As shown in Figure 5, the predictor SVM-EL showed the top performance, outperforming three basic methods: SVM-Kmer, SVM-DACC, and SVM-PseDNC.

3.3. Comparison with Other Related Predictors

Two state-of-the-art methods, IDQD [10] and iRSpot-PseDNC, were selected to compare with the proposed SVM-EL. Table 3 shows the results of various methods on the benchmark dataset.
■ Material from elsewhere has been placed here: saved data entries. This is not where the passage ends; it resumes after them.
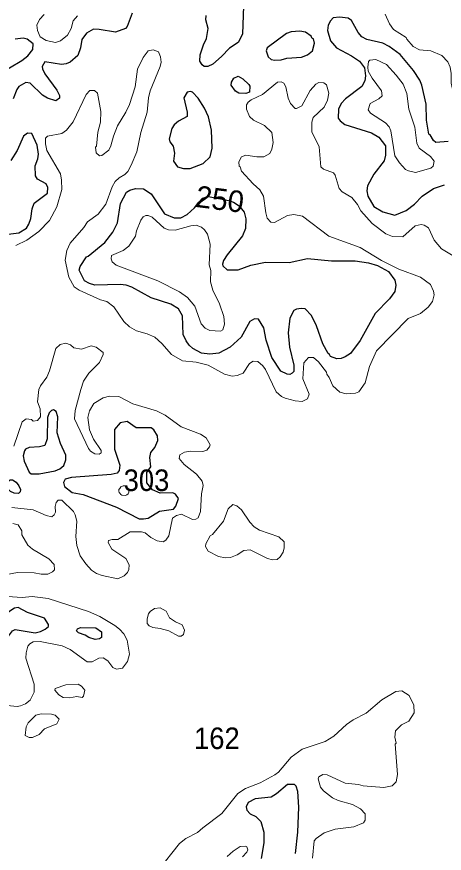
# Model space of a CAD drawing. Extents: x 763.2 to 816.8, y 7896.5 to 7952.7.
# Drawn here: x 807.08 to 810.25, y 7899.66 to 7905.87 of the extents above; entities that cross this region are included whole.
import ezdxf
from ezdxf.enums import TextEntityAlignment as Align

# ---------------------------------------------------------------- set-up
doc = ezdxf.new("R2010")
doc.units = 0
doc.header["$LTSCALE"] = 0.064
doc.layers.add('1', color=7, linetype='Continuous', lineweight=25)
doc.layers.add('2', color=7, linetype='Continuous', lineweight=13)
doc.layers.add('21', color=7, linetype='Continuous')
doc.layers.add('61', color=7, linetype='Continuous')

msp = doc.modelspace()

# ---------------------------------------------------------------- linework, layer by layer
at = {"layer": '1'}
for points in [[(808.764, 7905.9481), (808.7568, 7905.7388), (808.7247, 7905.6775), (808.6593, 7905.6346), (808.6015, 7905.5738), (808.5348, 7905.5156)], [(807.9361, 7905.8945), (807.9009, 7905.7943), (807.8871, 7905.7809), (807.8124, 7905.7543), (807.6934, 7905.7739), (807.6513, 7905.7753), (807.5985, 7905.7452), (807.5645, 7905.6992), (807.554, 7905.6358), (807.5336, 7905.5798), (807.4759, 7905.5311), (807.4482, 7905.5178), (807.4131, 7905.5126), (807.2881, 7905.5331), (807.2703, 7905.4994), (807.2706, 7905.481), (807.2892, 7905.4436), (807.3785, 7905.3235), (807.3978, 7905.2832), (807.398, 7905.2627), (807.3696, 7905.2446), (807.3078, 7905.2621), (807.2715, 7905.2853), (807.1799, 7905.3739), (807.1485, 7905.3807), (807.0971, 7905.3491), (807.0819, 7905.3286), (807.0532, 7905.2594)], [(808.5348, 7905.5156), (808.4993, 7905.4996), (808.4716, 7905.4996), (808.4567, 7905.5111), (808.4406, 7905.5382), (808.4412, 7905.5849), (808.4664, 7905.6603), (808.4893, 7905.7072), (808.5008, 7905.7795), (808.483, 7905.8452), (808.4862, 7905.8774)], [(810.2816, 7904.9422), (810.1916, 7904.9346), (810.1736, 7904.9495), (810.1489, 7904.9898), (810.1395, 7904.9957), (810.1231, 7905.1009), (810.1194, 7905.2184), (810.0873, 7905.3597), (810.0721, 7905.3975), (810.0261, 7905.4698), (809.9258, 7905.5881), (809.8444, 7905.6468), (809.7968, 7905.6721), (809.679, 7905.699), (809.6417, 7905.7181), (809.6153, 7905.7509), (809.5643, 7905.8393), (809.5401, 7905.8568), (809.4763, 7905.8658), (809.428, 7905.8591), (809.4082, 7905.8378), (809.393, 7905.8047), (809.387, 7905.7657), (809.4083, 7905.6902), (809.4531, 7905.6375), (809.565, 7905.5777), (809.6252, 7905.537), (809.6619, 7905.4874), (809.6695, 7905.4302), (809.6641, 7905.3911), (809.6419, 7905.3506), (809.5217, 7905.2577), (809.4888, 7905.2231), (809.4676, 7905.1822), (809.4656, 7905.1159), (809.4806, 7905.0952), (809.5162, 7905.0677), (809.7138, 7905.0054), (809.7679, 7904.9733), (809.8168, 7904.9081), (809.8174, 7904.8405), (809.8075, 7904.797), (809.7308, 7904.6996), (809.6828, 7904.6116), (809.6795, 7904.5757), (809.6861, 7904.5365), (809.7301, 7904.458), (809.797, 7904.4183), (809.8871, 7904.3937), (809.972, 7904.4288), (810.0326, 7904.4773), (810.0903, 7904.5347), (810.175, 7904.5933), (810.2545, 7904.6199)], [(806.9323, 7905.4333), (807.1175, 7905.5429), (807.1631, 7905.5767), (807.2009, 7905.6235), (807.2023, 7905.6669), (807.159, 7905.701), (807.1294, 7905.708), (807.0689, 7905.7012)], [(807.0175, 7904.2545), (807.0958, 7904.262), (807.1532, 7904.2982), (807.171, 7904.327), (807.1856, 7904.3703), (807.1945, 7904.441), (807.2103, 7904.4826), (807.3101, 7904.559), (807.3125, 7904.5988), (807.2998, 7904.6275), (807.2347, 7904.6627), (807.2196, 7904.6869), (807.2178, 7904.7604), (807.2368, 7904.8117), (807.242, 7904.8479), (807.2334, 7904.9147), (807.1914, 7905.0018), (807.161, 7905.0025), (807.1305, 7904.9799), (807.0825, 7904.8745), (807.0359, 7904.8009)], [(808.9147, 7903.5574), (808.8747, 7903.6215), (808.8445, 7903.6256), (808.8108, 7903.6046), (808.7451, 7903.4873), (808.6649, 7903.4153), (808.5799, 7903.3692), (808.5142, 7903.3613), (808.4517, 7903.3707), (808.3879, 7903.4035), (808.3603, 7903.4281), (808.3373, 7903.4619), (808.317, 7903.5084), (808.3116, 7903.6468), (808.2823, 7903.6996), (808.2232, 7903.7342), (808.0771, 7903.7795), (807.9339, 7903.8607), (807.8921, 7903.8738), (807.8473, 7903.879), (807.6594, 7903.8751), (807.6211, 7903.886), (807.5836, 7903.9078), (807.5449, 7903.9852), (807.5509, 7904.0133), (807.5975, 7904.0861), (807.6113, 7904.0903), (807.734, 7904.1917), (807.7947, 7904.2675), (807.8276, 7904.3375), (807.8503, 7904.4804), (807.8942, 7904.5653), (807.9211, 7904.5807), (807.9629, 7904.5935), (808.0208, 7904.5899), (808.0789, 7904.5536), (808.1774, 7904.405), (808.2488, 7904.3753), (808.2994, 7904.3757), (808.3445, 7904.4), (808.3995, 7904.4482), (808.4313, 7904.4906), (808.4604, 7904.5212), (808.5035, 7904.5334), (808.5543, 7904.5241), (808.6292, 7904.508), (808.6627, 7904.5), (808.6894, 7904.492), (808.7309, 7904.4625), (808.7682, 7904.4176), (808.7818, 7904.368), (808.7788, 7904.2948), (808.7551, 7904.2401), (808.6418, 7904.1006), (808.6148, 7904.0571), (808.6067, 7904.03), (808.6096, 7904.019), (808.6425, 7903.9876), (808.7228, 7903.9893), (808.8182, 7904.0235), (808.9266, 7904.0449), (809.1034, 7904.0417), (809.2387, 7904.0727), (809.4165, 7904.0549), (809.5932, 7904.0548), (809.6909, 7904.0402), (809.7582, 7904.0202), (809.8408, 7903.9752), (809.888, 7903.9112), (809.8945, 7903.8749), (809.8859, 7903.8273), (809.848, 7903.7732), (809.7413, 7903.6646), (809.6289, 7903.4633), (809.5582, 7903.3669), (809.5192, 7903.3414), (809.488, 7903.33), (809.4566, 7903.3269), (809.4105, 7903.3447), (809.4031, 7903.3608), (809.3918, 7903.3669), (809.3536, 7903.4392), (809.3048, 7903.5725), (809.2682, 7903.6482), (809.2223, 7903.6978), (809.1922, 7903.7013), (809.1568, 7903.6964), (809.1379, 7903.687), (809.1079, 7903.6299), (809.096, 7903.5215), (809.1041, 7903.413), (809.1366, 7903.2814), (809.1367, 7903.2344), (809.1254, 7903.2201), (809.1071, 7903.2108)], [(809.1071, 7903.2108), (809.0881, 7903.2128), (809.0399, 7903.2352), (808.9744, 7903.3367), (808.9319, 7903.4674), (808.9147, 7903.5574)], [(809.1485, 7899.6553), (809.1665, 7899.8131), (809.1731, 7899.9979), (809.1665, 7900.1147), (809.154, 7900.1537), (809.1427, 7900.1679), (809.0905, 7900.1675), (809.0088, 7900.0975), (808.9695, 7900.073), (808.8511, 7900.0594), (808.7971, 7900.0325), (808.7824, 7899.9999), (808.7874, 7899.9753), (808.8121, 7899.9488), (808.8559, 7899.928), (808.8919, 7899.8918), (808.9151, 7899.8125), (808.9134, 7899.7342), (808.894, 7899.6176)]]:
    msp.add_lwpolyline(points, dxfattribs=at)
for points in [[(809.1936, 7905.5687), (809.2381, 7905.5862), (809.2746, 7905.6143), (809.2895, 7905.6718), (809.2829, 7905.7028), (809.2732, 7905.7073), (809.2649, 7905.7241), (809.2239, 7905.7522), (809.1815, 7905.7604), (809.1183, 7905.7555), (809.0834, 7905.7444), (808.9403, 7905.6372), (808.9319, 7905.6135), (808.946, 7905.569), (808.9679, 7905.5506), (808.9974, 7905.5451), (809.0442, 7905.547), (809.0852, 7905.5602)], [(808.6721, 7905.3596), (808.6749, 7905.383), (808.6929, 7905.4115), (808.7237, 7905.4263), (808.7595, 7905.4079), (808.8025, 7905.3635), (808.8099, 7905.3515), (808.8085, 7905.3085), (808.7812, 7905.2974), (808.7288, 7905.2993), (808.7033, 7905.3154)], [(808.5042, 7905.1247), (808.475, 7905.1897), (808.4269, 7905.2627), (808.3862, 7905.3076), (808.3711, 7905.3133), (808.346, 7905.3077), (808.3208, 7905.2667), (808.3462, 7905.1582), (808.3461, 7905.1283), (808.2803, 7905.0924), (808.2492, 7905.0664), (808.2313, 7905.0368), (808.2121, 7904.962), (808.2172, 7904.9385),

According to Table 3, we can see that SVM-EL outperforms the other methods. The main reason is that IDQD and SVM-Kmer only consider local sequence-order information, and iRSpot-PseDNC, SVM-DACC, and SVM-PseDNC improved them by incorporating global sequence-order information. However, SVM-EL not only incorporates the local nucleic acid information, but also incorporates the global information. Therefore, we conclude that SVM-EL would be a useful tool for hotspots/coldspots identification.

4. Conclusion

In this article, we proposed a predictor called SVM-EL for yeast hotspot/coldspot identification, which combines Support Vector Machine (SVM) with Ensemble Learning (EL). The approach combined with different predictors trained by different features contributes to the improvement of prediction accuracy. SVM-EL is trained by different features, including basic kmer (Kmer), dinucleotide-based auto-cross covariance (DACC), and pseudo dinucleotide composition (PseDNC). All these features can be generated by Pse-in-One [17], which is a powerful web server for generating various DNA, RNA, or protein features. It also provides a stand-alone version to users, which is easy to use. Via jackknife test, it was observed that the predictor outperforms other predictors. In the future, we will consider using other approaches for yeast hotspot/coldspot identification, such as bioinspired computing models [3845].

Competing Interests

The authors declare no competing financial interests.

Authors’ Contributions

Bingquan Liu conceived the study and designed the experiments and participated in designing the study, drafting the manuscript, and performing the statistical analysis. Yumeng Liu participated in coding the experiments and drafting the manuscript. Dong Huang participated in performing the statistical analysis. All authors read and approved the final manuscript. Bingquan Liu and Yumeng Liu contributed equally to this paper.

Acknowledgments

This work was supported by the National High Technology Research and Development Program of China (863 Program) (2015AA015405), the National Natural Science Foundation of China (nos. 61300112, 61573118, 61272383, and 61572151), the Natural Science Foundation of Guangdong Province (2014A030313695), Guangdong Natural Science Funds for Distinguished Yong Scholars (2016A030306008), and Scientific Research Foundation in Shenzhen (Grant no. JCYJ20150626110425228).